The Canadian plane maker Bombardier said its executive chairman Pierre Beaudoin will step down, following shareholder outcry over controversial executive pay hikes, although it reported a smaller than expected adjusted net loss.
Mr Beaudoin – a former chief executive and a scion of aircraft and train manufacturer Bombardier’s founding family, which controls the company through its dual-class share structure – will continue to serve as non-executive chairman.
The Canada Pension Plan Investment Board (CPPIB), the country’s largest pension fund manager, withheld its vote for the re-election of Mr Beaudoin at Bombardier’s annual meeting on Thursday.
The Ontario Teachers’ Pension Plan (OTPP) also withheld its vote on his re-election on Tuesday, echoing similar moves by Quebec and British Columbia funds.
Mr Beaudoin agreed to forgo the pay hike and other executives agreed to defer.
Strength in the company’s train-making unit helped the company report a smaller than expected adjusted net loss.

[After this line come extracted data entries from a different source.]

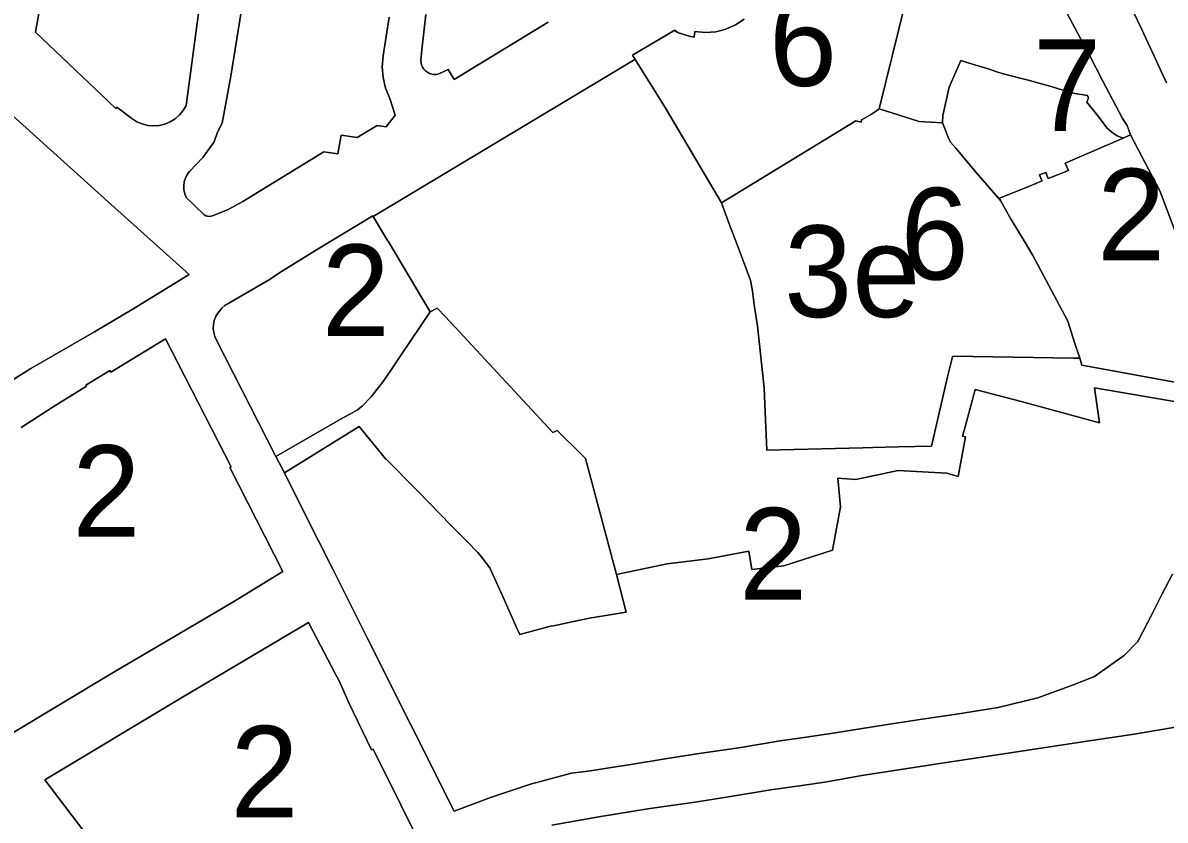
# Model space of a CAD drawing. Extents: x 598968 to 613553, y 4409678 to 4430833.
# Drawn here: x 607565.5 to 607715.2, y 4416375.4 to 4416479.9 of the extents above; entities that cross this region are included whole.
import ezdxf

# ---------------------------------------------------------------- set-up
doc = ezdxf.new("R2010")
doc.units = 0
for name, color, linetype in [('1', 7, 'Continuous'), ('SUBZONA 3e. EDIFICIS ENTRE MITGERES amb projecte especial', 7, 'Continuous'), ('ZONA 2. CARRERS DE CASES. Cases de trast', 7, 'Continuous'), ("ZONA 3. ILLES  D'EDIFICIS ENTRE MITGERES. EIXAMPLE.", 7, 'Continuous'), ('ZONA 6. EDIFICIS DE PISOS_ AÏLLATS I EN PARCEL.LES', 7, 'Continuous'), ('ZONA 7. CONJUNTS AMB ORDENACIONS ESPECÍFIQUES', 7, 'Continuous')]:
    doc.layers.add(name, color=color, linetype=linetype)

msp = doc.modelspace()

# ---------------------------------------------------------------- linework, layer by layer
at = {"layer": '1'}
for points in [[(607579.6918, 4416548.9945), (607584.0576, 4416548.2277), (607597.4675, 4416536.408), (607594.4076, 4416516.8082), (607589.6485, 4416489.6645), (607586.8878, 4416469.0585), (607586.5075, 4416468.4009), (607586.0264, 4416467.813), (607585.4571, 4416467.3101), (607584.8143, 4416466.9053), (607584.1149, 4416466.6092), (607583.3768, 4416466.4294), (607582.6195, 4416466.3705), (607581.8625, 4416466.4343), (607581.1257, 4416466.6189), (607580.4281, 4416466.9196), (607579.7879, 4416467.3284), (607577.8379, 4416468.8084), (607577.6879, 4416468.6584), (607567.168, 4416478.6381)], [(607643.3058, 4416407.559), (607643.2873, 4416407.5551), (607639.2425, 4416422.7691), (607638.7868, 4416423.2214), (607635.5472, 4416426.4367), (607634.9444, 4416426.1964), (607621.5759, 4416440.5814), (607621.5719, 4416440.5857), (607619.898, 4416442.3867), (607619.8075, 4416442.4843), (607618.897, 4416441.9936), (607615.0876, 4416436.3694), (607613.7882, 4416434.3877), (607612.7176, 4416432.8494), (607611.3071, 4416431.0654), (607611.1047, 4416430.8095), (607610.0244, 4416429.6742), (607609.3377, 4416429.1694), (607608.4427, 4416428.6494), (607607.5442, 4416428.1274), (607598.6578, 4416423.0393), (607599.7778, 4416420.9093), (607609.5877, 4416426.9494), (607613.0906, 4416422.6874), (607613.0993, 4416422.6777), (607617.2178, 4416418.5299), (607617.2972, 4416418.4493), (607621.5757, 4416414.0391), (607623.6294, 4416411.9724), (607625.1175, 4416410.4749), (607625.3833, 4416410.1381), (607626.7075, 4416408.4599), (607628.392, 4416404.6996), (607630.2444, 4416400.5217), (607630.6437, 4416399.6873), (607634.6675, 4416400.7902), (607635.0247, 4416400.8648), (607638.4943, 4416401.5887), (607639.9874, 4416401.9003), (607640.2815, 4416401.9484), (607644.5773, 4416402.6503), (607644.5756, 4416402.6569), (607643.2873, 4416407.5502), (607643.307, 4416407.5543)], [(607586.1981, 4416391.3494), (607602.9279, 4416401.2996), (607606.4778, 4416394.4898), (607606.9378, 4416393.6198), (607608.2878, 4416390.6798), (607611.1978, 4416384.58), (607611.4028, 4416384.67), (607615.0278, 4416377.3701), (607617.0677, 4416373.3102), (607613.2778, 4416371.2401), (607608.9179, 4416368.2401), (607604.578, 4416364.4601), (607604.738, 4416364.3401), (607601.618, 4416360.5301), (607601.408, 4416360.6401), (607595.9181, 4416350.1501), (607588.8482, 4416353.9399), (607579.0183, 4416366.6996), (607568.3783, 4416380.6393)]]:
    msp.add_lwpolyline(points, close=True, dxfattribs=at)
for points in [[(607613.5074, 4416480.6189), (607612.7174, 4416475.5589), (607612.6056, 4416474.1282), (607612.7143, 4416472.6973), (607613.0408, 4416471.2999), (607613.5775, 4416469.969), (607614.3075, 4416467.769), (607613.1175, 4416466.249), (607611.9175, 4416466.439), (607609.3176, 4416464.839), (607607.2176, 4416465.1689), (607606.7776, 4416462.689), (607604.9676, 4416462.9689), (607594.3478, 4416456.4488), (607592.4099, 4416455.4029), (607590.3678, 4416454.5788), (607590.1487, 4416454.5247), (607589.9236, 4416454.5087), (607589.699, 4416454.5314), (607589.4817, 4416454.592), (607589.2778, 4416454.6888), (607586.9079, 4416456.9787), (607586.7163, 4416457.4643), (607586.609, 4416457.9753), (607586.5891, 4416458.497), (607586.6571, 4416459.0146), (607586.8113, 4416459.5134), (607587.0471, 4416459.9792), (607587.3578, 4416460.3987), (607589.1122, 4416462.2167), (607590.5578, 4416464.2887), (607591.0277, 4416465.5299), (607591.6178, 4416466.7187), (607592.7577, 4416472.8886), (607595.282, 4416488.6863)], [(607548.7182, 4416481.6777), (607554.1282, 4416476.7379), (607561.4181, 4416470.1181), (607577.118, 4416456.0285), (607587.2779, 4416446.9088), (607579.838, 4416442.2987), (607574.8981, 4416439.3637), (607566.5582, 4416434.5486), (607561.4582, 4416431.3685), (607557.0483, 4416428.7685), (607554.4883, 4416427.3685), (607552.5284, 4416425.9884), (607539.7085, 4416418.2183), (607536.2286, 4416422.7782), (607526.8686, 4416434.8179), (607520.5687, 4416442.8477), (607518.9087, 4416444.9276), (607514.6887, 4416447.4175), (607511.0696, 4416448.9222), (607503.6483, 4416451.9927), (607496.0345, 4416454.9201), (607488.779, 4416458.087), (607477.7191, 4416462.8967)], [(607681.1705, 4416482.5814), (607677.7059, 4416468.596), (607682.9467, 4416466.9301), (607686.0266, 4416466.7603), (607686.0466, 4416467.7303), (607686.8966, 4416471.4303), (607688.4166, 4416474.9302), (607688.4263, 4416474.9273), (607690.0877, 4416474.4336), (607692.0165, 4416473.8603), (607693.1622, 4416473.4393), (607693.972, 4416473.1775), (607697.4065, 4416472.3304), (607698.8166, 4416471.936), (607699.9465, 4416471.6205), (607700.4067, 4416471.479), (607700.9414, 4416471.3255), (607702.9064, 4416470.7105), (607705.0464, 4416470.3306), (607705.1162, 4416470.1465), (607705.1564, 4416470.0406), (607704.9464, 4416469.4706), (607706.0395, 4416468.1186), (607706.3724, 4416467.6926), (607707.6064, 4416466.0807), (607708.2464, 4416465.5107), (607708.9264, 4416465.0807), (607709.7152, 4416464.7612), (607709.7876, 4416464.7933), (607710.6764, 4416465.2007), (607710.2336, 4416466.4073), (607709.6164, 4416467.3407), (607707.0114, 4416472.3156), (607705.2664, 4416475.6405), (607704.1033, 4416477.8153), (607703.3464, 4416479.2304), (607701.4264, 4416482.8204)], [(607701.4264, 4416482.8204), (607703.3464, 4416479.2304), (607704.1033, 4416477.8153), (607705.2664, 4416475.6405), (607707.0114, 4416472.3156), (607709.6164, 4416467.3407), (607710.2336, 4416466.4073), (607710.6764, 4416465.2007), (607714.4963, 4416457.8609), (607714.7278, 4416457.272), (607718.5863, 4416447.1111)], [(607715.38, 4416472.0059), (607713.7999, 4416475.428), (607712.1584, 4416478.9829), (607710.4133, 4416482.6275)], [(607710.4133, 4416482.6275), (607712.1584, 4416478.9829), (607713.7999, 4416475.428), (607715.38, 4416472.0059)], [(607716.1515, 4416407.6265), (607714.8315, 4416405.0215), (607713.5387, 4416402.5053), (607711.6266, 4416398.7815), (607709.8666, 4416396.9915), (607705.9367, 4416394.2215), (607703.0767, 4416393.0865), (607698.5367, 4416391.4214), (607693.3168, 4416390.1213), (607687.8669, 4416389.2812), (607683.3469, 4416388.6112), (607678.2384, 4416387.8405), (607671.3749, 4416386.7354), (607668.1471, 4416386.2559), (607664.7472, 4416385.7509), (607659.3172, 4416384.8708), (607654.1243, 4416384.0988), (607649.9373, 4416383.4406), (607644.9374, 4416382.6406), (607642.3574, 4416382.2405), (607639.9038, 4416381.8601), (607637.3975, 4416381.5204), (607632.0169, 4416380.0902), (607626.9165, 4416378.3742), (607622.0477, 4416376.5602), (607616.3277, 4416387.86), (607610.692, 4416399.0797), (607607.474, 4416405.5786), (607606.1578, 4416408.1896), (607604.2528, 4416411.985), (607602.3379, 4416415.8), (607599.7778, 4416420.9093), (607598.6578, 4416423.0393), (607590.8805, 4416438.266), (607590.6591, 4416438.7562), (607590.5176, 4416439.2751), (607590.4595, 4416439.8098), (607590.4863, 4416440.347), (607590.5973, 4416440.8733), (607590.7898, 4416441.3756), (607591.0589, 4416441.8413), (607591.3979, 4416442.2589), (607591.5654, 4416442.4564), (607591.9878, 4416442.8189), (607597.8978, 4416446.259), (607599.0577, 4416447.049), (607604.1977, 4416450.2491), (607611.3676, 4416454.5891), (607611.4178, 4416454.5042), (607645.7247, 4416475.0641), (607645.7423, 4416475.0719), (607645.3871, 4416475.6395), (607650.957, 4416478.9095), (607651.287, 4416478.6096), (607652.8417, 4416478.1042), (607653.487, 4416477.9996), (607653.567, 4416478.7296), (607654.9379, 4416478.5991), (607656.3111, 4416478.7032), (607657.6466, 4416479.0391), (607658.9059, 4416479.5967), (607660.0521, 4416480.36)], [(607634.3372, 4416479.9592), (607627.7373, 4416475.9492), (607622.0473, 4416472.4391), (607621.2274, 4416473.7591), (607620.0074, 4416473.1791), (607619.7042, 4416473.1214), (607619.3957, 4416473.1149), (607619.0904, 4416473.1596), (607618.7967, 4416473.2543), (607618.5228, 4416473.3964), (607618.2763, 4416473.5821), (607618.064, 4416473.8061), (607617.8918, 4416474.0622), (607617.7645, 4416474.3433), (607617.6857, 4416474.6417), (607617.6574, 4416474.949), (607617.8058, 4416476.3232), (607618.3074, 4416480.9689)], [(607565.2682, 4416426.8487), (607569.4781, 4416429.5287), (607573.8281, 4416432.2587), (607573.7481, 4416432.3987), (607576.888, 4416434.3188), (607577.018, 4416434.0988), (607584.1979, 4416438.4789), (607592.7879, 4416421.6892), (607592.6179, 4416421.5892), (607599.5679, 4416407.9695), (607593.0304, 4416403.9379), (607588.338, 4416401.2094), (607577.1382, 4416394.5892), (607563.7584, 4416386.5391)], [(607634.8075, 4416374.7205), (607641.0075, 4416375.8206), (607647.4274, 4416376.8407), (607653.8673, 4416377.7808), (607658.2273, 4416378.4708), (607663.5472, 4416379.3309), (607667.9071, 4416379.951), (607670.5871, 4416380.341), (607675.727, 4416381.2611), (607686.2269, 4416382.8813), (607699.5068, 4416384.9015), (607705.5367, 4416385.8261), (607711.1266, 4416386.6417), (607716.5566, 4416387.5518)]]:
    msp.add_lwpolyline(points, dxfattribs=at)
at = {"layer": 'SUBZONA 3e. EDIFICIS ENTRE MITGERES amb projecte especial'}
msp.add_lwpolyline([(607719.0835, 4416432.2823), (607704.2964, 4416435.0259), (607704.0071, 4416435.9043), (607704.0036, 4416435.9044), (607703.2148, 4416435.9169), (607687.3329, 4416436.169), (607687.3133, 4416436.085), (607686.7004, 4416433.4588), (607684.584, 4416424.3902), (607680.1917, 4416424.2846), (607676.8883, 4416424.2051), (607675.571, 4416424.1734), (607662.987, 4416423.8708), (607662.6672, 4416431.9553), (607662.6134, 4416432.4456), (607661.7651, 4416440.1463), (607661.3829, 4416442.6116), (607661.1041, 4416444.7068), (607660.877, 4416446.1301), (607659.0601, 4416450.8918), (607658.0708, 4416453.5397), (607657.047, 4416456.2799), (607655.507, 4416458.9399), (607649.687, 4416468.7696), (607645.7423, 4416475.0719), (607645.7247, 4416475.0641), (607611.4178, 4416454.5042), (607613.2984, 4416451.3584), (607613.3586, 4416451.2577), (607618.897, 4416441.9936), (607619.8075, 4416442.4843), (607619.898, 4416442.3867), (607621.5719, 4416440.5857), (607621.5759, 4416440.5814), (607634.9444, 4416426.1964), (607635.5472, 4416426.4367), (607638.7868, 4416423.2214), (607639.2425, 4416422.7691), (607643.2873, 4416407.5551), (607643.3058, 4416407.559), (607649.9572, 4416408.9552), (607655.3072, 4416409.6253), (607660.6271, 4416410.6254), (607661.0371, 4416408.2154), (607665.2171, 4416408.7155), (607671.587, 4416410.7456), (607672.667, 4416416.4256), (607672.307, 4416420.1955), (607674.6458, 4416420.0055), (607680.2169, 4416421.1856), (607686.6068, 4416420.8357), (607688.0968, 4416420.4358), (607689.0267, 4416425.5957), (607688.6565, 4416425.7002), (607688.9967, 4416426.9057), (607689.6567, 4416429.3657), (607690.3167, 4416431.8257), (607696.5266, 4416430.1858), (607706.5765, 4416427.446), (607705.9565, 4416432.026), (607718.9564, 4416429.7962)], dxfattribs=at)
at = {"layer": 'ZONA 2. CARRERS DE CASES. Cases de trast'}
for points in [[(607477.7191, 4416462.8967), (607488.779, 4416458.087), (607496.0345, 4416454.9201), (607503.6483, 4416451.9927), (607511.0696, 4416448.9222), (607514.6887, 4416447.4175), (607518.9087, 4416444.9276), (607520.5687, 4416442.8477), (607526.8686, 4416434.8179), (607536.2286, 4416422.7782), (607539.7085, 4416418.2183), (607552.5284, 4416425.9884), (607554.4883, 4416427.3685), (607557.0483, 4416428.7685), (607561.4582, 4416431.3685), (607566.5582, 4416434.5486), (607574.8981, 4416439.3637), (607579.838, 4416442.2987), (607587.2779, 4416446.9088), (607577.118, 4416456.0285), (607561.4181, 4416470.1181), (607554.1282, 4416476.7379), (607548.7182, 4416481.6777)], [(607718.5863, 4416447.1111), (607714.7278, 4416457.272), (607714.4963, 4416457.8609), (607710.6764, 4416465.2007), (607709.7876, 4416464.7933), (607709.7152, 4416464.7612), (607702.1178, 4416461.4912), (607702.5165, 4416460.5307), (607699.8565, 4416459.4506), (607699.5565, 4416460.2706), (607698.7565, 4416459.9306), (607699.0581, 4416459.1909), (607699.0665, 4416459.1706), (607697.4265, 4416458.4606), (607693.4273, 4416456.835), (607693.5366, 4416456.7105), (607693.6563, 4416456.4979), (607695.0166, 4416454.0806), (607696.7466, 4416451.2907), (607697.8512, 4416449.3917), (607702.4023, 4416440.8561), (607702.4838, 4416440.6635), (607703.2774, 4416438.0944), (607704.0036, 4416435.9044), (607704.0071, 4416435.9043), (607704.2964, 4416435.0259), (607719.0835, 4416432.2823)], [(607563.7584, 4416386.5391), (607577.1382, 4416394.5892), (607588.338, 4416401.2094), (607593.0304, 4416403.9379), (607599.5679, 4416407.9695), (607592.6179, 4416421.5892), (607592.7879, 4416421.6892), (607584.1979, 4416438.4789), (607577.018, 4416434.0988), (607576.888, 4416434.3188), (607573.7481, 4416432.3987), (607573.8281, 4416432.2587), (607569.4781, 4416429.5287), (607565.2682, 4416426.8487)], [(607718.9564, 4416429.7962), (607705.9565, 4416432.026), (607706.5765, 4416427.446), (607696.5266, 4416430.1858), (607690.3167, 4416431.8257), (607689.6567, 4416429.3657), (607688.9967, 4416426.9057), (607688.6565, 4416425.7002), (607689.0267, 4416425.5957), (607688.0968, 4416420.4358), (607686.6068, 4416420.8357), (607680.2169, 4416421.1856), (607674.6458, 4416420.0055), (607672.307, 4416420.1955), (607672.667, 4416416.4256), (607671.587, 4416410.7456), (607665.2171, 4416408.7155), (607661.0371, 4416408.2154), (607660.6271, 4416410.6254), (607655.3072, 4416409.6253), (607649.9572, 4416408.9552), (607643.3058, 4416407.559), (607643.307, 4416407.5543), (607643.2873, 4416407.5502), (607644.5756, 4416402.6569), (607644.5773, 4416402.6503), (607640.2815, 4416401.9484), (607639.9874, 4416401.9003), (607638.4943, 4416401.5887), (607635.0247, 4416400.8648), (607634.6675, 4416400.7902), (607630.6437, 4416399.6873), (607630.2444, 4416400.5217), (607628.392, 4416404.6996), (607626.7075, 4416408.4599), (607625.3833, 4416410.1381), (607625.1175, 4416410.4749), (607623.6294, 4416411.9724), (607621.5757, 4416414.0391), (607617.2972, 4416418.4493), (607617.2178, 4416418.5299), (607613.0993, 4416422.6777), (607613.0906, 4416422.6874), (607609.5877, 4416426.9494), (607599.7778, 4416420.9093), (607602.3379, 4416415.8), (607604.2528, 4416411.985), (607606.1578, 4416408.1896), (607607.474, 4416405.5786), (607610.692, 4416399.0797), (607616.3277, 4416387.86), (607622.0477, 4416376.5602), (607626.9165, 4416378.3742), (607632.0169, 4416380.0902), (607637.3975, 4416381.5204), (607639.9038, 4416381.8601), (607642.3574, 4416382.2405), (607644.9374, 4416382.6406), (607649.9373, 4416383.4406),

Adjusted earnings before interest and taxes in the company’s transportation, or rail, business jumped to US$134 million in the first quarter from $23m, a year earlier.
The company’s order intake in the business rose 83.3 per cent to $2.2 billion in the three months ended March 31.
Adjusted net loss attributable to Bombardier shareholders was $1m, smaller than analysts’ estimate for a loss of $22.8m, according to Reuters.
On a per share adjusted basis, the company broke even. Analysts on average had estimated a 1 cent loss.
Montreal-headquartered Bombardier reported an 8.6 per cent fall in revenue to $3.58bn, missing estimates of $3.84bn.